"Grief actually stems from a change in our relationship with our self."
"Grief and loss are what each individual person thinks and believes they are."
"If grieving is unlimited, unhealthy, and unmeaningful, it can become a
serious problem and an impediment to the normal conduct, flow and progress of
life."
Grief, Grieving and Loss
Grieving is a natural response to the experience of loss and separation.
The nature and duration of grieving is strictly an individual matter. Everyone grieves
in somewhat different ways, and grieving serves somewhat different purposes from
one person to another. That is because the experience of loss has different meanings
to different people.
Grief is triggered by a change in our relationship with someone, something, or some
place, usually by death, illness, addiction or physical or mental separation, but
it actually stems from a change in our relationship with our self. When the significance
to us of a changed relationship is one of loss-when it feels to us that something
or someone important, essential, or necessary is missing from our life-then grieving
is the natural result and there is a sense of inner separation or division.
With the sense that something has become divided within yourself, it can feel as
if you aren't whole any more, as if something in your subjective universe is missing.
This causes an unhealthy relationship with yourself, simply because your world no
longer seems whole. When your world isn't whole, it's because you don't feel whole.
When grieving is resolved, your sense of wholeness will be restored-even if the
one who was lost or missing doesn't do anything!
People grieve in accordance with their cultural, religious, and spiritual ideas
about the place and purpose of grief: they grieve along the lines of their beliefs
about loss and connection. Thus grieving is the result of our personal and subjective
perception and experience: grief and loss are what each individual person thinks
and believes they are.
When Grieving Interferes with a Healthy,
Complete Life
When grieving persists for a protracted period of time or when it is exceptionally
strong and intense, it can interfere with important aspects of a person's life.

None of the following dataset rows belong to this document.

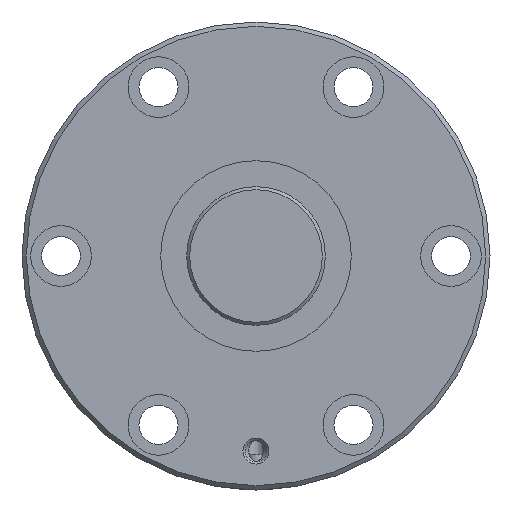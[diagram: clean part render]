
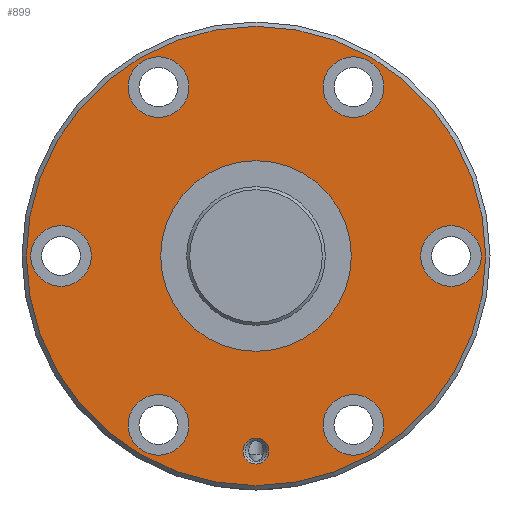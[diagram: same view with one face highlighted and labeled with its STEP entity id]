
A CAD part, left-side view. The second image highlights one B-rep face of the part: STEP entity #899.
In plain terms, the highlighted planar face has unit normal (-1, 0, 0).
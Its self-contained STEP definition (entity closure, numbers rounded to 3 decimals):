
#147=ORIENTED_EDGE('',*,*,#340,.T.);
#148=ORIENTED_EDGE('',*,*,#341,.T.);
#149=ORIENTED_EDGE('',*,*,#342,.T.);
#150=ORIENTED_EDGE('',*,*,#343,.T.);
#151=ORIENTED_EDGE('',*,*,#344,.T.);
#152=ORIENTED_EDGE('',*,*,#345,.T.);
#153=ORIENTED_EDGE('',*,*,#346,.T.);
#154=ORIENTED_EDGE('',*,*,#347,.T.);
#155=ORIENTED_EDGE('',*,*,#339,.F.);
#339=EDGE_CURVE('',#439,#439,#522,.T.);
#340=EDGE_CURVE('',#440,#440,#523,.T.);
#341=EDGE_CURVE('',#441,#441,#524,.F.);
#342=EDGE_CURVE('',#442,#442,#525,.T.);
#343=EDGE_CURVE('',#443,#443,#526,.T.);
#344=EDGE_CURVE('',#444,#444,#527,.T.);
#345=EDGE_CURVE('',#445,#445,#528,.T.);
#346=EDGE_CURVE('',#446,#446,#529,.T.);
#347=EDGE_CURVE('',#447,#447,#530,.T.);
#439=VERTEX_POINT('',#1510);
#440=VERTEX_POINT('',#1513);
#441=VERTEX_POINT('',#1515);
#442=VERTEX_POINT('',#1517);
#443=VERTEX_POINT('',#1519);
#444=VERTEX_POINT('',#1521);
#445=VERTEX_POINT('',#1523);
#446=VERTEX_POINT('',#1525);
#447=VERTEX_POINT('',#1527);
#522=CIRCLE('',#1005,53.);
#523=CIRCLE('',#1007,22.);
#524=CIRCLE('',#1008,7.);
#525=CIRCLE('',#1009,3.);
#526=CIRCLE('',#1010,7.);
#527=CIRCLE('',#1011,7.);
#528=CIRCLE('',#1012,7.);
#529=CIRCLE('',#1013,7.);
#530=CIRCLE('',#1014,7.);
#602=EDGE_LOOP('',(#147));
#603=EDGE_LOOP('',(#148));
#604=EDGE_LOOP('',(#149));
#605=EDGE_LOOP('',(#150));
#606=EDGE_LOOP('',(#151));
#607=EDGE_LOOP('',(#152));
#608=EDGE_LOOP('',(#153));
#609=EDGE_LOOP('',(#154));
#610=EDGE_LOOP('',(#155));
#742=FACE_BOUND('',#602,.T.);
#743=FACE_BOUND('',#603,.T.);
#744=FACE_BOUND('',#604,.T.);
#745=FACE_BOUND('',#605,.T.);
#746=FACE_BOUND('',#606,.T.);
#747=FACE_BOUND('',#607,.T.);
#748=FACE_BOUND('',#608,.T.);
#749=FACE_BOUND('',#609,.T.);
#750=FACE_BOUND('',#610,.T.);
#864=PLANE('',#1006);
#899=ADVANCED_FACE('',(#742,#743,#744,#745,#746,#747,#748,#749,#750),#864,
 .T.);
#1005=AXIS2_PLACEMENT_3D('',#1509,#1171,#1172);
#1006=AXIS2_PLACEMENT_3D('',#1511,#1173,#1174);
#1007=AXIS2_PLACEMENT_3D('',#1512,#1175,#1176);
#1008=AXIS2_PLACEMENT_3D('',#1514,#1177,#1178);
#1009=AXIS2_PLACEMENT_3D('',#1516,#1179,#1180);
#1010=AXIS2_PLACEMENT_3D('',#1518,#1181,#1182);
#1011=AXIS2_PLACEMENT_3D('',#1520,#1183,#1184);
#1012=AXIS2_PLACEMENT_3D('',#1522,#1185,#1186);
#1013=AXIS2_PLACEMENT_3D('',#1524,#1187,#1188);
#1014=AXIS2_PLACEMENT_3D('',#1526,#1189,#1190);
#1171=DIRECTION('',(1.,0.,0.));
#1172=DIRECTION('',(0.,0.,-1.));
#1173=DIRECTION('',(-1.,0.,0.));
#1174=DIRECTION('',(0.,0.,1.));
#1175=DIRECTION('',(1.,0.,0.));
#1176=DIRECTION('',(0.,0.,-1.));
#1177=DIRECTION('',(-1.,0.,0.));
#1178=DIRECTION('',(0.,0.,1.));
#1179=DIRECTION('',(1.,0.,0.));
#1180=DIRECTION('',(0.,0.,-1.));
#1181=DIRECTION('',(1.,0.,0.));
#1182=DIRECTION('',(0.,0.,-1.));
#1183=DIRECTION('',(1.,0.,0.));
#1184=DIRECTION('',(0.,0.,-1.));
#1185=DIRECTION('',(1.,0.,0.));
#1186=DIRECTION('',(0.,0.,-1.));
#1187=DIRECTION('',(1.,0.,0.));
#1188=DIRECTION('',(0.,0.,-1.));
#1189=DIRECTION('',(1.,0.,0.));
#1190=DIRECTION('',(0.,0.,-1.));
#1509=CARTESIAN_POINT('',(0.,0.,0.));
#1510=CARTESIAN_POINT('',(0.,0.,-53.));
#1511=CARTESIAN_POINT('',(0.,53.,0.));
#1512=CARTESIAN_POINT('',(0.,0.,0.));
#1513=CARTESIAN_POINT('',(0.,0.,-22.));
#1514=CARTESIAN_POINT('',(0.,45.,0.));
#1515=CARTESIAN_POINT('',(0.,45.,7.));
#1516=CARTESIAN_POINT('',(0.,0.,-45.));
#1517=CARTESIAN_POINT('',(0.,0.,-48.));
#1518=CARTESIAN_POINT('',(0.,-45.,0.));
#1519=CARTESIAN_POINT('',(0.,-45.,-7.));
#1520=CARTESIAN_POINT('',(0.,22.5,38.971));
#1521=CARTESIAN_POINT('',(0.,22.5,31.971));
#1522=CARTESIAN_POINT('',(0.,-22.5,-38.971));
#1523=CARTESIAN_POINT('',(0.,-22.5,-45.971));
#1524=CARTESIAN_POINT('',(0.,-22.5,38.971));
#1525=CARTESIAN_POINT('',(0.,-22.5,31.971));
#1526=CARTESIAN_POINT('',(0.,22.5,-38.971));
#1527=CARTESIAN_POINT('',(0.,22.5,-45.971));

Many world religions prescribe exact time frames and other parameters for grieving
in order to prevent this problem. However, a growing number of the world's people
may no longer be subject to the prescriptions of strict or fundamental cultures
with specific boundaries around grieving. For a great many of us there are no standards,
norms, parameters, limits, or familiar rituals for grieving. If grieving is unlimited,
unhealthy, and unmeaningful, it can become a serious problem and an impediment to
the normal conduct, flow and progress of life.
When grieving goes on for so long that it prevents a person from achieving satisfaction
and fulfillment in important areas of life, when it goes on in such a way that normal
functioning doesn't return in a reasonable period of time, or when the experience
of loss leaves behind enduring emotional or behavioral problems or a weakened or
disordered condition of mental or physical health, then the subconscious mind has
developed a negative habit in order to make sense of and accommodate to the experience
of loss. The death or other loss is interfering with your ability to live a purposeful,
healthy, satisfying, or full and complete life.
Grieving, Loss and Tranceformation
Negative habits of grieving can be rapidly cleared using the tools and processes
of Tranceformation, exactly as with any other habit.
With Tranceformation, unhealthy and unhelpful habits of mind around loss and grieving
are pinpointed and cleared; the sense of loss is resolved in a deeply personal and
meaningful way: you attain a new and healthful balance in mind, body and spirit.
When the transformation of the loss experience is complete, you will have an improved
attitude toward your changed relationship with the person, place, or animal companion
that is no longer physically or emotionally present for you; you will have discovered
significant and positive meaning in the experience. The grieving will be resolved.
When you have cleared a negative habit around losing a familiar sense of connection
with someone you care about, the result can be a renewed sense of connection with
that person, an appreciation of the time you had together, a new comprehension of
the significance of your relationship with that person, and any number of unique
insights that are possible for only you. Your feelings about what once was a sense
of loss will be physically, mentally and spiritually (1) (2) balanced, healthy, and energizing.
You will feel whole again. There will be peace.